1University Hospital Carl Gustav Carus, Technische Universität Dresden, Department of Internal Medicine III, Dresden, Germany; 2University Hospital Carl Gustav Carus, Department of Internal Medicine III, Dresden, Germany; 3Univeristy Hospital Carl Gustav Carus, Department of Internal Medicine III, Dresden, Germany; 4University Hospital Carl Gustac Carus, Department of Internal Medicine III, Dresden, Germany.


Background: Sepsis is a life-threatening inflammatory condition and a leading cause of death in hospitals. It arises when a microbial infection triggers prolonged and uncontrolled systemic inflammation resulting in progressing organ dysfunction. Recent experimental data suggest a possible involvement of ferroptosis – an iron-dependent form of regulated necrosis – in sepsis-mediated damage of many vital organs. However, its role in adrenal gland dysfunction and/or damage during systemic inflammation hasn’t been studied so far.

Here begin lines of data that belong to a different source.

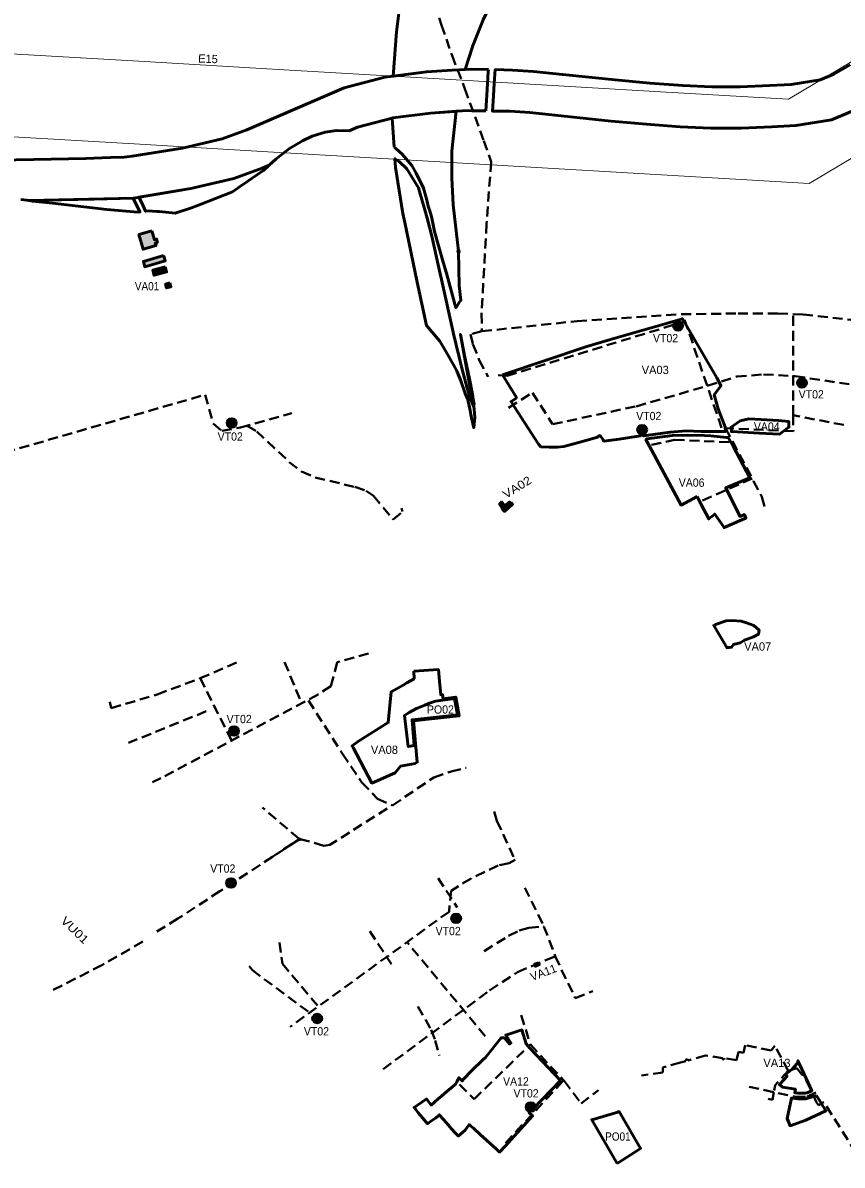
# Model space of a CAD drawing. Extents: x -650145 to -642675, y -1074338 to -1066724.
# Drawn here: x -648933 to -646953, y -1071599 to -1068839 of the extents above; entities that cross this region are included whole.
import ezdxf

# ---------------------------------------------------------------- set-up
doc = ezdxf.new("R2010")
doc.units = 0
doc.header["$LTSCALE"] = 8
doc.header["$PDMODE"] = 32
doc.header["$PDSIZE"] = 4
doc.linetypes.add('MEDIUM_DASHED', pattern=[4.5, 3, -1.5])
for name, color, linetype, lineweight in [('12', 7, 'MEDIUM_DASHED', 40), ('15', 7, 'Continuous', 13), ('20', 7, 'Continuous', 13), ('44', 7, 'Continuous', 53), ('45', 7, 'Continuous', 53), ('46', 7, 'Continuous', 53), ('60', 7, 'Continuous', 53)]:
    doc.layers.add(name, color=color, linetype=linetype, lineweight=lineweight)
for name, color, linetype in [('17', 7, 'Continuous'), ('2', 7, 'Continuous'), ('3', 7, 'Continuous'), ('4', 7, 'Continuous'), ('5', 7, 'Continuous')]:
    doc.layers.add(name, color=color, linetype=linetype)

msp = doc.modelspace()

# ---------------------------------------------------------------- hatches: boundary and pattern name
at = {"layer": '15'}
for points in [[(-647338.289, -1069571.583, 1), (-647361.814, -1069571.583, 1)], [(-647038.994, -1069709.305, 1), (-647062.519, -1069709.305, 1)], [(-648416.978, -1069806.101, 1), (-648440.503, -1069806.101, 1)], [(-647425.058, -1069822.133, 1), (-647448.583, -1069822.133, 1)], [(-648411.342, -1070550.264, 1), (-648434.867, -1070550.264, 1)], [(-648418.374, -1070917.603, 1), (-648441.898, -1070917.603, 1)], [(-647874.426, -1071003.073, 1), (-647897.951, -1071003.073, 1)], [(-648210.363, -1071245, 1), (-648233.888, -1071245, 1)], [(-647694.212, -1071458.99, 1), (-647717.737, -1071458.99, 1)]]:
    msp.add_hatch(color=256, dxfattribs=at).paths.add_polyline_path(points)
at = {"layer": '60'}
for points in [[(-648621.37, -1069342.03), (-648652.93, -1069350.8), (-648642.85, -1069386.53), (-648611.53, -1069377.7), (-648613.3, -1069371.42), (-648608.07, -1069369.95), (-648610.3, -1069362.04), (-648615.51, -1069363.51)], [(-648593.77, -1069401.82), (-648642.06, -1069415.98), (-648638.41, -1069428.97), (-648589.26, -1069414.15), (-648592.11, -1069405.18)], [(-648589.16, -1069429.3), (-648619.35, -1069437.29), (-648616.15, -1069449.33), (-648585.96, -1069441.33)], [(-648578.5, -1069467.6), (-648588.59, -1069470.49), (-648585.91, -1069479.97), (-648575.76, -1069477.15)], [(-647753.96, -1069997.9), (-647755.37, -1069999.17), (-647757.35, -1069996.96), (-647768.87, -1070007.32), (-647775.67, -1069996.86), (-647781.47, -1070001.96), (-647774.7, -1070012.64), (-647775.34, -1070013.22), (-647769.35, -1070019.98), (-647749.87, -1070002.45)], [(-647687.68, -1071110.18), (-647696.64, -1071114.02), (-647694.63, -1071118.73), (-647685.66, -1071114.89)]]:
    msp.add_hatch(color=256, dxfattribs=at).paths.add_polyline_path(points)

# ---------------------------------------------------------------- linework, layer by layer
at = {"layer": '12'}
for p, q in [((-647072.241, -1069787.533), (-647072.241, -1069543.185)), ((-647291.307, -1069993.228), (-647170.84, -1069940.165)), ((-648300.887, -1070383.875), (-648259.756, -1070483.608)), ((-648504.855, -1070423.103), (-648428.725, -1070573.36)), ((-648490.212, -1070502.827), (-648678.059, -1070578.955)), ((-648332.818, -1070855.794), (-648263.929, -1070810.849)), ((-647929.7, -1070905.7), (-647883.483, -1070976.724)), ((-647720.463, -1070929.111), (-647674.039, -1071022.323)), ((-648042.555, -1071114.098), (-648099.428, -1071026.867)), ((-647815.949, -1071287.658), (-648004.905, -1071060.503)), ((-647767.223, -1071546.187), (-647626.359, -1071394.366))]:
    msp.add_line(p, q, dxfattribs=at)
for points in [[(-648589.741, -1067377.342), (-648498.624, -1067558.559), (-648369.855, -1067814.661), (-648270.948, -1068007.281), (-648177.599, -1068195.293), (-648103.97, -1068344.741), (-648098.419, -1068348.539), (-648086.184, -1068375.018), (-648042.175, -1068501.421), (-647986.295, -1068657.442), (-647921.652, -1068844.799), (-647896.268, -1068918.371), (-647865.117, -1068998.629), (-647819.537, -1069124.409), (-647801.818, -1069175.256), (-647812.644, -1069324.711), (-647825.015, -1069541.552), (-647823.978, -1069584.663), (-647594.109, -1069559.949), (-647342.265, -1069543.531), (-647205.182, -1069541.582), (-647108.806, -1069541.669), (-647047.983, -1069544.191), (-646818.857, -1069568.917)], [(-646949.668, -1069811.025), (-647072.241, -1069787.533), (-647071.353, -1069826.293), (-647244.785, -1069818.042), (-647338.767, -1069543.481)], [(-647785.07, -1069690.63), (-647763.238, -1069692.321), (-647332.905, -1069560.606)], [(-647823.978, -1069584.663), (-647851.235, -1069591.7), (-647845.629, -1069616.01), (-647830.41, -1069654.06), (-647808.595, -1069694.89)], [(-647279.5, -1069716.624), (-647208.318, -1069694.158), (-647143.504, -1069688.843), (-647066.866, -1069693.057), (-646699.975, -1069748.527), (-646678.869, -1069753.112), (-646676.91, -1069743.82)], [(-647759.613, -1069769.184), (-647701.982, -1069733.103), (-647653.087, -1069809.089), (-647451.321, -1069765.984), (-647279.5, -1069716.624)], [(-649044.908, -1069897.057), (-648493.206, -1069738.027), (-648473.126, -1069807.804), (-648452.457, -1069825.52), (-648407.58, -1069817.388), (-648283.564, -1069782.827)], [(-648391.301, -1069812.851), (-648368.286, -1069826.694), (-648289.499, -1069900.443), (-648259.719, -1069923.17), (-648226.806, -1069937.698), (-648130.85, -1069960.81), (-648103.867, -1069970.198), (-648085.696, -1069982.585), (-648038.819, -1070039.248), (-648015.643, -1070020.009), (-648018.277, -1070012.103)], [(-647235.467, -1069818.485), (-647167.428, -1069946.59), (-647147.296, -1069984.626), (-647140.3, -1070010.7)], [(-647414.535, -1069859.089), (-647358.559, -1069846.998), (-647217.195, -1069852.888)], [(-648723.27, -1070480.1), (-648719.781, -1070495.186), (-648608.642, -1070462.104), (-648504.855, -1070423.103), (-648414.278, -1070383.546)], [(-648097.961, -1070362.859), (-648173.666, -1070383.828), (-648189.212, -1070442.001), (-648219.63, -1070462.294), (-648600.13, -1070664.406), (-648620.205, -1070674.13)], [(-648243.287, -1070476.499), (-648161.107, -1070605.619), (-648114.121, -1070674.786), (-648076.532, -1070713.851), (-648039.863, -1070730.017), (-647940.305, -1070662.397), (-647898.38, -1070648.071), (-647862.25, -1070638.96)], [(-648053, -1070737.9), (-648191.415, -1070825.487), (-648206.369, -1070827.623), (-648259.779, -1070812.134), (-648269.723, -1070814.735), (-648457.192, -1070937.393), (-648558.532, -1071003.71), (-648610.798, -1071035.598)], [(-648259.67, -1070812.106), (-648266.577, -1070810.067), (-648354.282, -1070735.576)], [(-647794.16, -1070745.19), (-647787.83, -1070767.157), (-647743.987, -1070862.016), (-647758.284, -1070869.702), (-647784.836, -1070875.103), (-647850.393, -1070906.456), (-647898.698, -1070936.31), (-647903.521, -1070987.043), (-648287.54, -1071265.293)], [(-647818.707, -1071082.607), (-647759.543, -1071045.17), (-647733.735, -1071032.504), (-647710.774, -1071025.971), (-647674.039, -1071022.323), (-647646.98, -1071094.735)], [(-648643.705, -1071059.314), (-648742.207, -1071116.062), (-648865.074, -1071178.477)], [(-648313.283, -1071061.443), (-648306.336, -1071112.945), (-648219.799, -1071215.376)], [(-648062.403, -1071367.342), (-647805.426, -1071176.999), (-647738.219, -1071133.017), (-647646.98, -1071094.735), (-647598.326, -1071195.826), (-647556.251, -1071178.604)], [(-648386.1, -1071118.4), (-648378.803, -1071128.097), (-648240.257, -1071231.033)], [(-647978.731, -1071216.254), (-647946.561, -1071272.093), (-647936.852, -1071298.253), (-647926.931, -1071334.225)], [(-647728.988, -1071237.115), (-647707.004, -1071307.776), (-647625.351, -1071395.71), (-647584.501, -1071450.177), (-647542.285, -1071418.425)], [(-647878.3, -1071404.7), (-647843.135, -1071439.808), (-647707.004, -1071307.776)], [(-647125.34, -1071322.14), (-647187.77, -1071309.47), (-647192.05, -1071327.84), (-647204.02, -1071325.39), (-647208.89, -1071345.24), (-647238.16, -1071341.03), (-647238.54, -1071343.71), (-647242.66, -1071343.12), (-647242.27, -1071340.44), (-647283.52, -1071334.51), (-647326.47, -1071346.51), (-647327.32, -1071343.47), (-647332.03, -1071344.79), (-647331.18, -1071347.82), (-647344.33, -1071351.49)], [(-647084.37, -1071371.2), (-647115.91, -1071311.35), (-647125.34, -1071322.14)], [(-647344.33, -1071351.49), (-647386.85, -1071363.37), (-647386.8, -1071375.58), (-647438.34, -1071382.93)], [(-647084.37, -1071371.2), (-647115.19, -1071405.75), (-647117.79, -1071418.96)], [(-646901.7, -1071599.29), (-646997.62, -1071446.82), (-647011, -1071454.09), (-647015.17, -1071448), (-647045.84, -1071382.28), (-647050.73, -1071380.13), (-647063.41, -1071364.59), (-647084.37, -1071371.2)], [(-647178.442, -1071409.986), (-647065.935, -1071434.456), (-647038.805, -1071433.925), (-647016.651, -1071423.819)], [(-647118.63, -1071423.24), (-647122.21, -1071441.39), (-647132.07, -1071439.37)]]:
    msp.add_lwpolyline(points, dxfattribs=at)
at = {"layer": '15', "lineweight": 35}
for centre in [(-647350.051, -1069571.583), (-647050.756, -1069709.305), (-648428.74, -1069806.101), (-647436.82, -1069822.133), (-648423.104, -1070550.264), (-648430.136, -1070917.603), (-647886.188, -1071003.073), (-648222.125, -1071245), (-647705.974, -1071458.99)]:
    msp.add_circle(centre, 11.762, dxfattribs=at)
at = {"layer": '20'}
for points in [[(-645696.222, -1068110.701), (-645999.704, -1068380.07), (-646264.963, -1068537.869), (-646558.558, -1068712.401), (-646840.473, -1068879.978), (-647082.853, -1069024.029), (-647392.269, -1069006.02), (-647721.495, -1068986.72), (-648010.52, -1068969.88), (-648329.902, -1068951.251), (-648639.277, -1068933.111), (-648948.071, -1068915.071), (-649057.05, -1068908.69), (-649199.47, -1069030.73), (-649232.77, -1069060.44), (-649258.79, -1069091.17), (-649263.719, -1069096.97)], [(-649263.719, -1069096.97), (-648650.963, -1069132.769), (-648341.578, -1069150.909), (-648022.16, -1069169.54), (-647733.165, -1069186.38), (-647403.931, -1069205.68), (-647033.327, -1069227.251), (-646738.287, -1069051.902)]]:
    msp.add_lwpolyline(points, dxfattribs=at)
at = {"layer": '44'}
for p, q in [((-648038.596, -1068968.281), (-647958.168, -1068957.73)), ((-647862.266, -1069668.613), (-647843.449, -1069768.252))]:
    msp.add_line(p, q, dxfattribs=at)
for points in [[(-647801.797, -1068219.34), (-647843.6, -1068292.629), (-647868.214, -1068337.803), (-647914.339, -1068432.512), (-647946.187, -1068510.254), (-647971.074, -1068581.98), (-647997.27, -1068674.747), (-648011.775, -1068739.718), (-648023.914, -1068809.332), (-648030.73, -1068861.213), (-648038.596, -1068968.281)], [(-647846.989, -1068896.545), (-647820.883, -1068832.117), (-647797.632, -1068784.713), (-647796.173, -1068782.191)], [(-647958.168, -1068957.73), (-647895.901, -1068953.392), (-647864.531, -1068951.823), (-647847.197, -1068897.199), (-647847.034, -1068896.687), (-647846.989, -1068896.545)], [(-647948.18, -1069057.276), (-648039.666, -1069069.279), (-648040.705, -1069069.548), (-648036.291, -1069139.458)], [(-647886.615, -1069053.052), (-647889.927, -1069053.218), (-647948.18, -1069057.276)], [(-647893.553, -1069279.017), (-647896.67, -1069213.573), (-647896.362, -1069149.171), (-647886.615, -1069053.052)], [(-648036.291, -1069139.458), (-648031.92, -1069142.67), (-648016.36, -1069156.54), (-647993.8, -1069184.11)], [(-648005.47, -1069192.09), (-648024.02, -1069174.7), (-648034.421, -1069167.61)], [(-648034.421, -1069167.61), (-648034.421, -1069167.61), (-648033, -1069189), (-648015, -1069300), (-648010.092, -1069322.087), (-647980.331, -1069465.915), (-647958.34, -1069570.699), (-647925.99, -1069608.57), (-647906.16, -1069641.48), (-647885.665, -1069678.788), (-647885.663, -1069678.794), (-647883.51, -1069682.71), (-647875.82, -1069701.85), (-647875.82, -1069701.85), (-647864.19, -1069735.12), (-647858.44, -1069749.43), (-647852.63, -1069775.7), (-647850.66, -1069785.74), (-647849.165, -1069793.367)], [(-648354.978, -1069190.492), (-648423.173, -1069215.44), (-648527.693, -1069239.938), (-648652.716, -1069260.657), (-648647.059, -1069272.723), (-648636.85, -1069294.49), (-648630.82, -1069293.63), (-648609.425, -1069295.033), (-648603.228, -1069295.53), (-648565.18, -1069299.46), (-648526.15, -1069286.21)], [(-648526.15, -1069286.21), (-648508.95, -1069280.01), (-648427.08, -1069247.75), (-648407.73, -1069233.88), (-648389.91, -1069221.86), (-648355.81, -1069198.88), (-648351.77, -1069195.88), (-648338.523, -1069183.389), (-648354.978, -1069190.492)], [(-647962.2, -1069290.88), (-647974.81, -1069246.86), (-647977.29, -1069238.21), (-648005.47, -1069192.09)], [(-647993.8, -1069184.11), (-647982.58, -1069202.33), (-647965.06, -1069238.95), (-647957.56, -1069264.74), (-647953.01, -1069285.73), (-647951.841, -1069289.09)], [(-647880.318, -1069391.297), (-647880.326, -1069390.832), (-647893.553, -1069279.017)], [(-647852.78, -1069745.71), (-647859.722, -1069722.428), (-647872.87, -1069673.56), (-647892.79, -1069591.06), (-647892.789, -1069591.06), (-647893.75, -1069587.08), (-647922.04, -1069459.71), (-647925.16, -1069445.68), (-647928.41, -1069431.03), (-647945.28, -1069355.1), (-647956.27, -1069311.58), (-647962.2, -1069290.88)], [(-647951.841, -1069289.09), (-647945.63, -1069306.95), (-647938.77, -1069343.17), (-647918.08, -1069417.43), (-647909.67, -1069444.46), (-647889.22, -1069519.32), (-647887.087, -1069527.229), (-647885.782, -1069525.389), (-647882.551, -1069520.835), (-647878.73, -1069515.45)], [(-647878.73, -1069515.45), (-647874.75, -1069509.84), (-647878.93, -1069475.09), (-647880.318, -1069391.297)], [(-647843.449, -1069768.252), (-647844.371, -1069761.991), (-647842.438, -1069760.647), (-647845.086, -1069748.753), (-647846.484, -1069736.663), (-647855.158, -1069695.232), (-647865.69, -1069647.32), (-647876.061, -1069592.206), (-647862.266, -1069668.613)], [(-647841.402, -1069792.351), (-647842.489, -1069773.282), (-647842.622, -1069770.956), (-647843.337, -1069769.013), (-647843.443, -1069768.293), (-647852.78, -1069745.71)], [(-647849.165, -1069793.367), (-647843.74, -1069817.63), (-647841.402, -1069792.351)]]:
    msp.add_lwpolyline(points, dxfattribs=at)
msp.add_lwpolyline([(-648730.66, -1069290.43), (-648655.53, -1069297.18), (-648650.06, -1069296.39), (-648650.58, -1069295.34), (-648662.417, -1069271.858), (-648666.827, -1069262.738), (-648761.189, -1069265.035), (-648918.889, -1069268.875), (-648909.86, -1069270.02), (-648861.49, -1069275.34), (-648785.92, -1069284.2), (-648730.66, -1069290.43)], close=True, dxfattribs=at)
msp.add_arc((-648354.978, -1069190.492), 0.000000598, 264.13978, 298.69712, dxfattribs=at)
msp.add_point((-647880.318, -1069391.297), dxfattribs=at)
at = {"layer": '45'}
for points in [[(-646934.465, -1068940.759), (-646973.61, -1068963.135), (-647006.63, -1068977.08), (-647076.422, -1068988.18), (-647128.674, -1068991.167), (-647199.672, -1068994.255), (-647268.348, -1068994.255), (-647338.816, -1068991.19), (-647417.895, -1068984.986), (-647502.412, -1068977.157), (-647629.424, -1068964.608), (-647699.561, -1068956.635), (-647749.978, -1068953.416), (-647792.01, -1068952.442), (-647794.21, -1068986.12), (-647796.13, -1069015.57), (-647798.631, -1069052.508), (-647756.441, -1069053.207), (-647708.401, -1069056.275), (-647511.94, -1069076.703), (-647426.417, -1069084.624), (-647344.902, -1069091.02), (-647270.522, -1069094.255), (-647197.498, -1069094.255), (-647123.648, -1069091.043), (-647065.688, -1069087.73), (-646978.92, -1069073.93), (-646929.186, -1069052.925)], [(-648038.759, -1068968.54), (-648038.746, -1068968.301), (-648058.764, -1068970.927), (-648156.739, -1068996.273), (-648392.002, -1069097.554), (-648451.865, -1069119.456), (-648547.243, -1069141.81), (-648668.959, -1069161.838), (-648688.912, -1069163.603), (-648721.315, -1069164.952), (-648781.015, -1069167.44), (-649076.02, -1069172.683)], [(-647864.531, -1068951.823), (-647895.901, -1068953.392), (-647958.168, -1068957.73), (-648038.596, -1068968.281), (-648038.759, -1068968.54)], [(-647808.28, -1068952.066), (-647850.043, -1068951.098), (-647864.531, -1068951.823)], [(-647814.401, -1069052.246), (-647812.34, -1069014.54), (-647808.67, -1068958.06), (-647808.28, -1068952.066)], [(-648040.705, -1069069.547), (-648039.666, -1069069.279), (-647948.18, -1069057.276), (-647886.615, -1069053.052), (-647856.541, -1069051.548), (-647848.615, -1069051.679), (-647842.888, -1069051.774), (-647814.401, -1069052.246)], [(-648937.91, -1069266.51), (-648924.13, -1069268.21), (-648918.889, -1069268.875), (-648665.007, -1069262.694), (-648527.693, -1069239.938), (-648423.173, -1069215.44), (-648354.978, -1069190.492), (-648338.523, -1069183.389), (-648322.14, -1069168.56), (-648306.83, -1069156.57), (-648289.25, -1069142.79), (-648257.5, -1069124.41), (-648234.22, -1069113.6), (-648202.46, -1069103.3), (-648175.65, -1069099.64), (-648144.866, -1069099.987), (-648124.327, -1069091.181), (-648040.705, -1069069.547)]]:
    msp.add_lwpolyline(points, dxfattribs=at)
at = {"layer": '46'}
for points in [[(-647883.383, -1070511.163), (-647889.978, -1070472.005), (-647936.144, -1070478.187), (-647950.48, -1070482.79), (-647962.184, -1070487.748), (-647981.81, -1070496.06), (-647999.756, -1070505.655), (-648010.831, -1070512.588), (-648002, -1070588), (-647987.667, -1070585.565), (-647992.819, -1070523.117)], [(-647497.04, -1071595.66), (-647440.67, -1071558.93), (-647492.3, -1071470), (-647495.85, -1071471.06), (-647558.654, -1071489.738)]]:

Objectives: The aim of this project is to elucidate whether septic conditions such as enhanced inflammation and steroidogenesis impact ferroptosis activation in the adrenal glands.

Methods: The human adrenocortical cells, NCI-H295R, were either treated with forskolin or inflammatory cytokines (TNFα, IL-6, IFNγ) in vitro for 24–48 h. After that time, expression of ferroptosis-relevant genes and proteins was analyzed by qPCR and western blot, respectively. In addition, necrosis induction (via Annexin V and PI staining) as well as lipid peroxidation were analyzed to study ferroptosis induction during those conditions. Potential ferroptosis induction in the adrenals was additionally evaluated in vivo using wildtype mice treated with LPS.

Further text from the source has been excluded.